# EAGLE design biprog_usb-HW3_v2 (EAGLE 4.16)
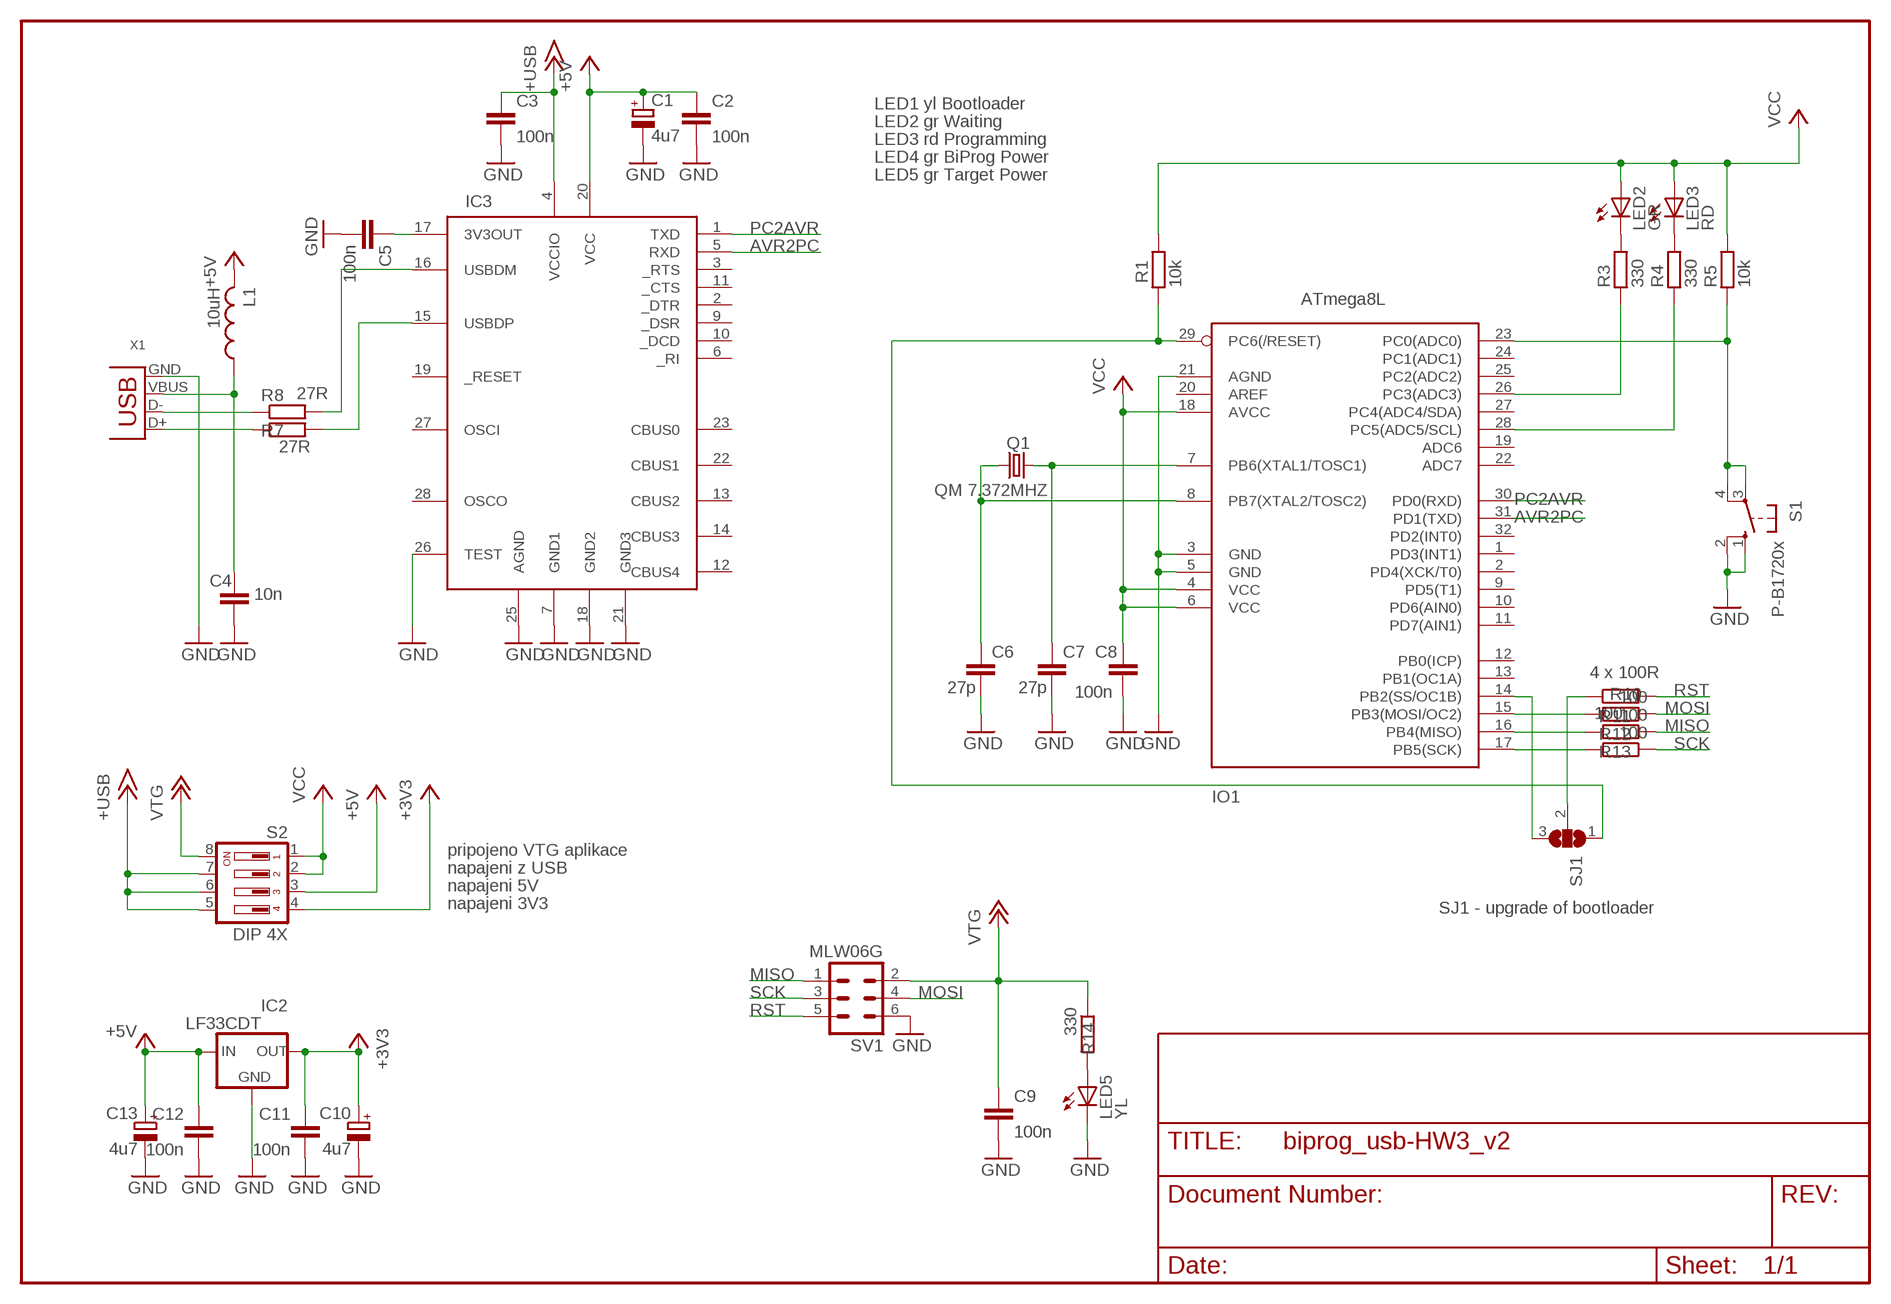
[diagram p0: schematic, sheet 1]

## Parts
C1  4u7  CPOL-EUSMCA  [SMC_A]
C2  100n  C-EUC1206  [C1206]
C3  100n  C-EUC1206  [C1206]
C4  10n  C-EUC1206  [C1206]
C5  100n  C-EUC1206  [C1206]
C6  27p  C-EUC1206  [C1206]
C7  27p  C-EUC1206  [C1206]
C8  100n  C-EUC1206  [C1206]
C9  100n  C-EUC1206  [C1206]
C10  4u7  CPOL-EUSMCA  [SMC_A]
C11  100n  C-EUC1206  [C1206]
C12  100n  C-EUC1206  [C1206]
C13  4u7  CPOL-EUSMCA  [SMC_A]
IC2  LF33CDT  LP2950CDTX-3.3  [DPACK]
IC3  FT232RL  [SSOP28DB]
IO1  ATmega8L  MEGA8-AI  [TQFP32-08]
L1  10uH  L-US0207/10  [0207/10]
LED2  GR  LED3MM  [LED3MM]
LED3  RD  LED3MM  [LED3MM]
LED5  YL  LED3MM  [LED3MM]
Q1  QM 7.372MHZ  CRYTALHC49S  [HC49/S]
R1  10k  R-EU_R1206  [R1206]
R3  330  R-EU_R1206  [R1206]
R4  330  R-EU_R1206  [R1206]
R5  10k  R-EU_R1206  [R1206]
R7  27R  R-EU_R1206  [R1206]
R8  27R  R-EU_R1206  [R1206]
R10  100  R-EU_R1206  [R1206]
R11  100  R-EU_R1206  [R1206]
R12  100  R-EU_R1206  [R1206]
R13  100  R-EU_R1206  [R1206]
R14  330  R-EU_R1206  [R1206]
S1  P-B1720x  10-XX  [B3F-10XX]
S2  DIP 4X  DS04  [DS-04]
SJ1  SJ2W  [SJ_2]
SV1  MLW06G  ML6  [ML6]
X1  USB-MINI B F SMD  USB-MB-S  [USB-MB-S]

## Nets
+3V3: C10.+ C11.1 IC2.3(OUT) S2.4
+5V: C1.+ C2.1 C12.1 C13.+ IC2.1(IN) IC3.20(VCC) L1.2 S2.3
+12V: C9.1 R14.1 S2.8 SV1.2 ; supply symbol labelled VTG
+15V: C3.1 IC3.4(VCCIO) S2.5 S2.6 S2.7 ; supply symbol labelled +USB
AVR2PC: IC3.5(RXD) IO1.31(PD1(TXD))
GND: C1.- C2.2 C3.2 C4.2 C5.2 C6.2 C7.2 C8.1 C9.2 C10.- C11.2 C12.2 C13.- IC2.4(GND) IC3.7(GND1) IC3.18(GND2) IC3.21(GND3) IC3.25(AGND) IC3.26(TEST) IO1.3(GND) IO1.5(GND) IO1.21(AGND) LED5.K(C) S1.1(S) S1.2(S1) SV1.6 X1.GND
MISO: R12.1 SV1.1
MOSI: R11.1 SV1.4
N$1: C7.1 IO1.7(PB6(XTAL1/TOSC1)) Q1.1
N$2: LED2.K(C) R3.2
N$3: LED3.K(C) R4.2
N$4: IO1.23(PC0(ADC0)) R5.1 S1.3(P) S1.4(P1)
N$6: LED5.A R14.2
N$8: C4.1 L1.1 X1.VBUS
N$9: IC3.15(USBDP) R8.2
N$11: C6.1 IO1.8(PB7(XTAL2/TOSC2)) Q1.2
N$12: R7.1 X1.D-
N$13: R8.1 X1.D+
N$16: IO1.17(PB5(SCK)) R13.2
N$17: IO1.16(PB4(MISO)) R12.2
N$18: IO1.15(PB3(MOSI/OC2)) R11.2
N$19: R10.1 SJ1.2
N$20: IO1.14(PB2(SS/OC1B)) SJ1.3
N$22: IC3.16(USBDM) R7.2
N$23: C5.1 IC3.17(3V3OUT)
N$24: IO1.29(PC6(/RESET)) R1.1 SJ1.1
N$37: IO1.26(PC3(ADC3)) R3.1
N$40: IO1.28(PC5(ADC5/SCL)) R4.1
PC2AVR: IC3.1(TXD) IO1.30(PD0(RXD))
RST: R10.2 SV1.5
SCK: R13.1 SV1.3
VCC: C8.2 IO1.4(VCC) IO1.6(VCC) IO1.18(AVCC) LED2.A LED3.A R1.2 R5.2 S2.1 S2.2
Unconnected: IC3.2(_DTR) IC3.3(_RTS) IC3.6(_RI) IC3.9(_DSR) IC3.10(_DCD) IC3.11(_CTS) IC3.12(CBUS4) IC3.13(CBUS2) IC3.14(CBUS3) IC3.19(_RESET) IC3.22(CBUS1) IC3.23(CBUS0) IC3.27(OSCI) IC3.28(OSCO) IO1.1(PD3(INT1)) IO1.2(PD4(XCK/T0)) IO1.9(PD5(T1)) IO1.10(PD6(AIN0)) IO1.11(PD7(AIN1)) IO1.12(PB0(ICP)) IO1.13(PB1(OC1A)) IO1.19(ADC6) IO1.20(AREF) IO1.22(ADC7) IO1.24(PC1(ADC1)) IO1.25(PC2(ADC2)) IO1.27(PC4(ADC4/SDA)) IO1.32(PD2(INT0))

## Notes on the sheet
- LED1 yl Bootloader
- LED2 gr Waiting
- LED3 rd Programming
- LED4 gr BiProg Power
- LED5 gr Target Power
- 4 x 100R
- pripojeno VTG aplikace
- napajeni z USB
- napajeni 5V
- napajeni 3V3 | SJ1 - upgrade of bootloader

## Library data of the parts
C1 C10 C13 = rcl:CPOL-EU: POLARIZED CAPACITOR, European symbol
C2-C9 C11 C12 = rcl:C-EU: CAPACITOR, European symbol
IC2 = v-reg:LP2950?*: Source: http://cache.national.com/ds/LP/LP2950.pdf
IC3 = ftdichip:FT232RL: USB UART 4th Generation USB UART (USB <-> Serial) Controller
IO1 = avr:MEGA8: MICROCONTROLLER 8 Kbytes FLASH 1 kbytes SRAM 512 bytes EEPROM USART 6-channel 10 bit ADC 2-channel 8 bit ADC
L1 = rcl:L-US: INDUCTOR, American symbol
LED2 LED3 LED5 = led:LED: LED
Q1 = crystal:CRYTAL: CRYSTAL
R1 R3-R5 R7 R8 R10-R14 = rcl:R-EU_: RESISTOR, European symbol
S1 = switch-omron:10-XX: OMRON SWITCH
S2 = switch-dil:DS04: DIL/CODE SWITCH
SJ1 = jumper:SJ2W: SMD solder JUMPER
SV1 = con-harting-ml:ML6: HARTING
X1 = con-usb-3:USB: USB Connectors

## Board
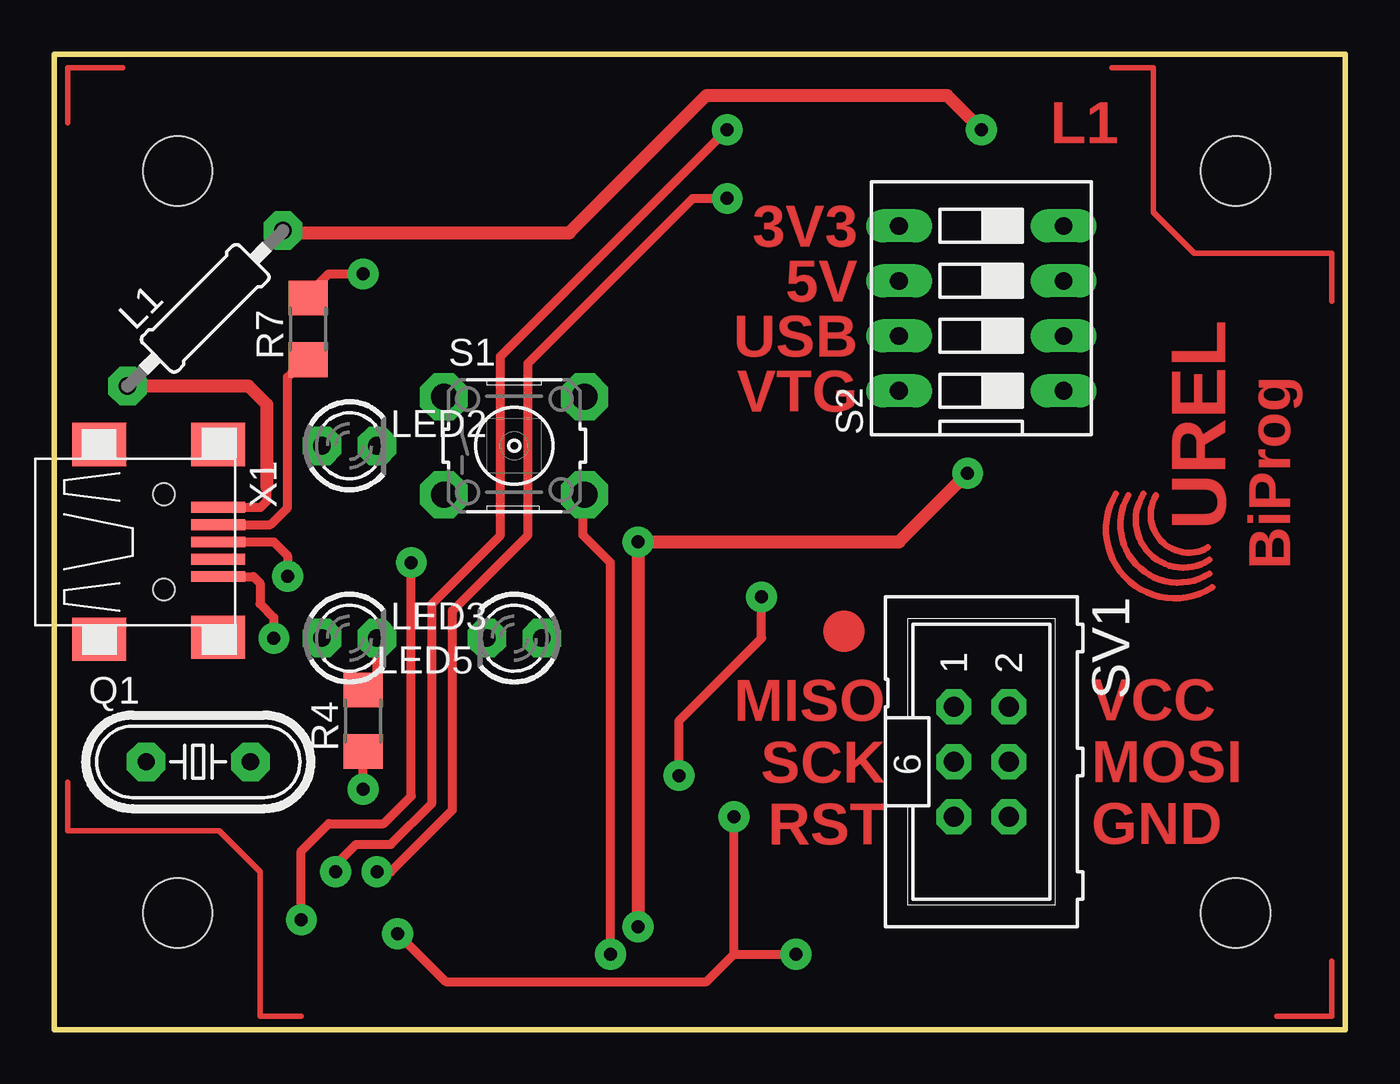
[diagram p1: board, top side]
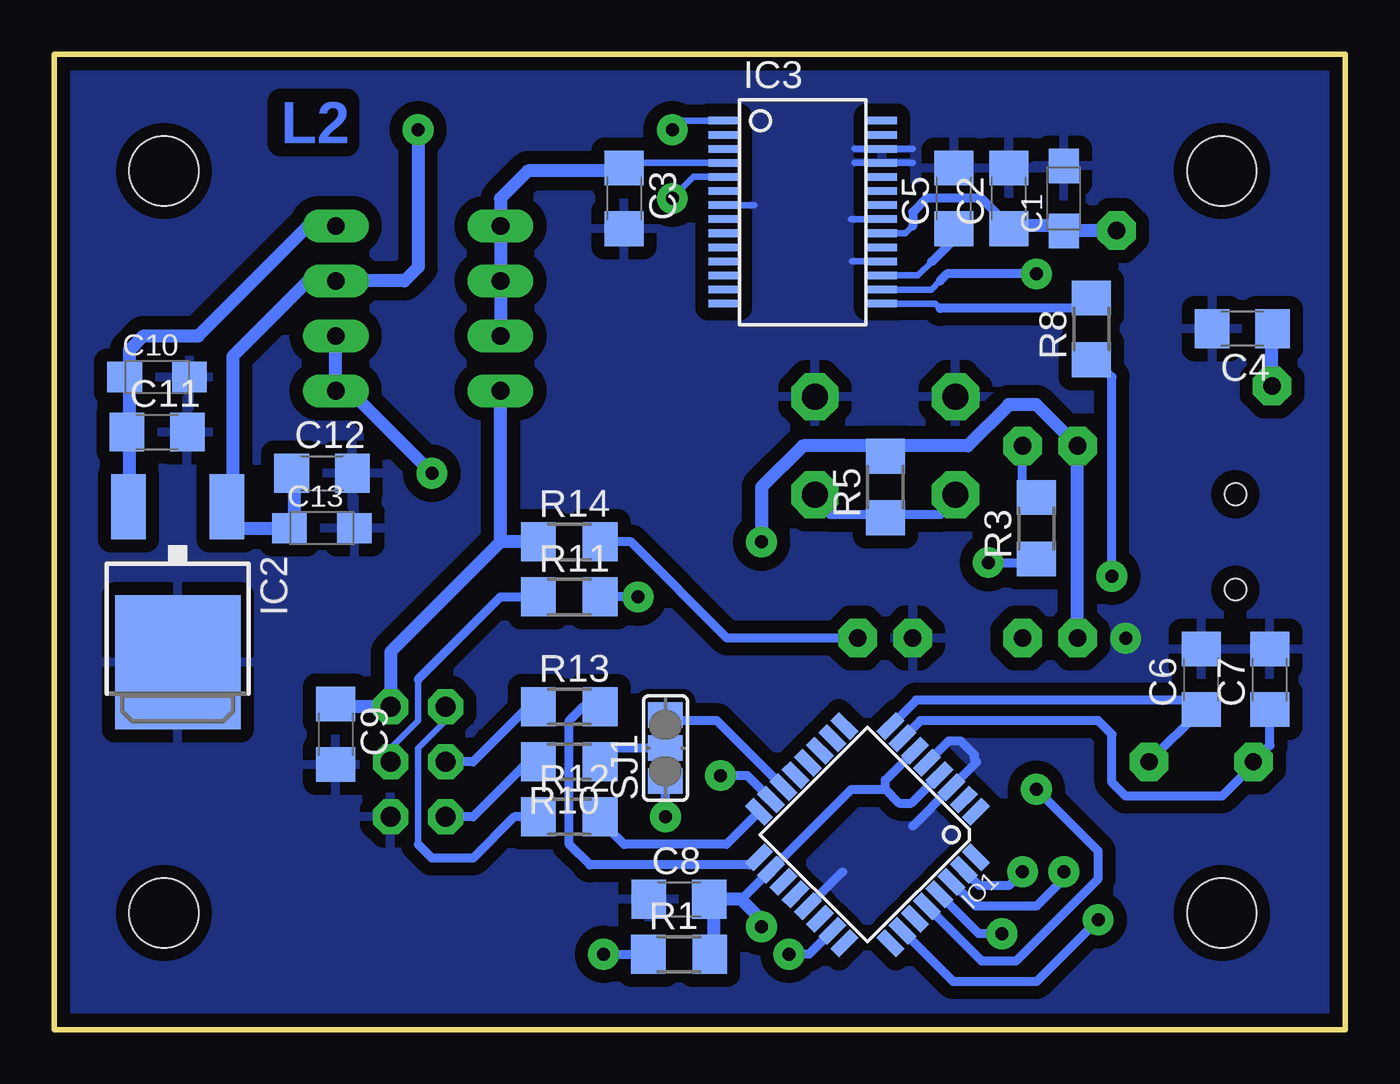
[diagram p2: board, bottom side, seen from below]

Size 59.69 x 45.09 mm. Coordinates in mm from the lower left corner, seen from the top.
Outline: 0,45.09 0,0 59.69,0 59.69,45.09 0,45.09
Copper layers (1*16): Top 0.035mm / dielectric 1.5mm / Bottom 0.035mm
Design rules "default": minimum track width 10mil, minimum drill 0.6mm, track to track 8mil, track to pad 8mil, pad to pad 8mil, via to via 8mil, smd to smd 8mil, copper to edge 1mil, drill to drill 8mil, minimum pad ring 14mil, minimum via ring 8mil, stop-mask expansion 4mil, vias tented up to drill 0.6mm, thermal gap 24mil
Holes 3.2 mm at 5.71,39.69 54.61,5.4 5.71,5.4 54.61,39.69

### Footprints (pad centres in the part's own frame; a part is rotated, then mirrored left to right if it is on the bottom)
SMC_A = smd 1.6 x 1.4: + -1.5,0; - 1.5,0
C1206 = smd 1.6 x 1.8: 1 -1.4,0; 2 1.4,0
DPACK = smd 1.6 x 3: 1 -2.28,-4.8; 3 2.28,-4.8 | smd 5.8 x 6.2: 4 0,2.38
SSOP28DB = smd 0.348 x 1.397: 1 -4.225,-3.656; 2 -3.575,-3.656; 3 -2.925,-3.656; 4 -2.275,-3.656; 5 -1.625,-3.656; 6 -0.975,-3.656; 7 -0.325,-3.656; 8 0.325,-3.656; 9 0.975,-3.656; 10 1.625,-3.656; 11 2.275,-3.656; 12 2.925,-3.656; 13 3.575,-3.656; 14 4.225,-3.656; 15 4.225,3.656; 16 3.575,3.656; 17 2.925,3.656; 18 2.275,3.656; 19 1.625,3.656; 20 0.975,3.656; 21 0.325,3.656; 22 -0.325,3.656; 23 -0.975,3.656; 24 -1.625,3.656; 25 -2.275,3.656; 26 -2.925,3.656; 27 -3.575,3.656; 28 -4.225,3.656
++++++++
Task to carry out
With pictures omitted, repeat the entries above word for word from the line holding "## Notes on the sheet" down to the line holding "[diagram p1: board, top side]", keeping both of those lines.

Finished exercise
## Notes on the sheet
- LED1 yl Bootloader
- LED2 gr Waiting
- LED3 rd Programming
- LED4 gr BiProg Power
- LED5 gr Target Power
- 4 x 100R
- pripojeno VTG aplikace
- napajeni z USB
- napajeni 5V
- napajeni 3V3 | SJ1 - upgrade of bootloader

## Library data of the parts
C1 C10 C13 = rcl:CPOL-EU: POLARIZED CAPACITOR, European symbol
C2-C9 C11 C12 = rcl:C-EU: CAPACITOR, European symbol
IC2 = v-reg:LP2950?*: Source: http://cache.national.com/ds/LP/LP2950.pdf
IC3 = ftdichip:FT232RL: USB UART 4th Generation USB UART (USB <-> Serial) Controller
IO1 = avr:MEGA8: MICROCONTROLLER 8 Kbytes FLASH 1 kbytes SRAM 512 bytes EEPROM USART 6-channel 10 bit ADC 2-channel 8 bit ADC
L1 = rcl:L-US: INDUCTOR, American symbol
LED2 LED3 LED5 = led:LED: LED
Q1 = crystal:CRYTAL: CRYSTAL
R1 R3-R5 R7 R8 R10-R14 = rcl:R-EU_: RESISTOR, European symbol
S1 = switch-omron:10-XX: OMRON SWITCH
S2 = switch-dil:DS04: DIL/CODE SWITCH
SJ1 = jumper:SJ2W: SMD solder JUMPER
SV1 = con-harting-ml:ML6: HARTING
X1 = con-usb-3:USB: USB Connectors

## Board
[diagram p1: board, top side]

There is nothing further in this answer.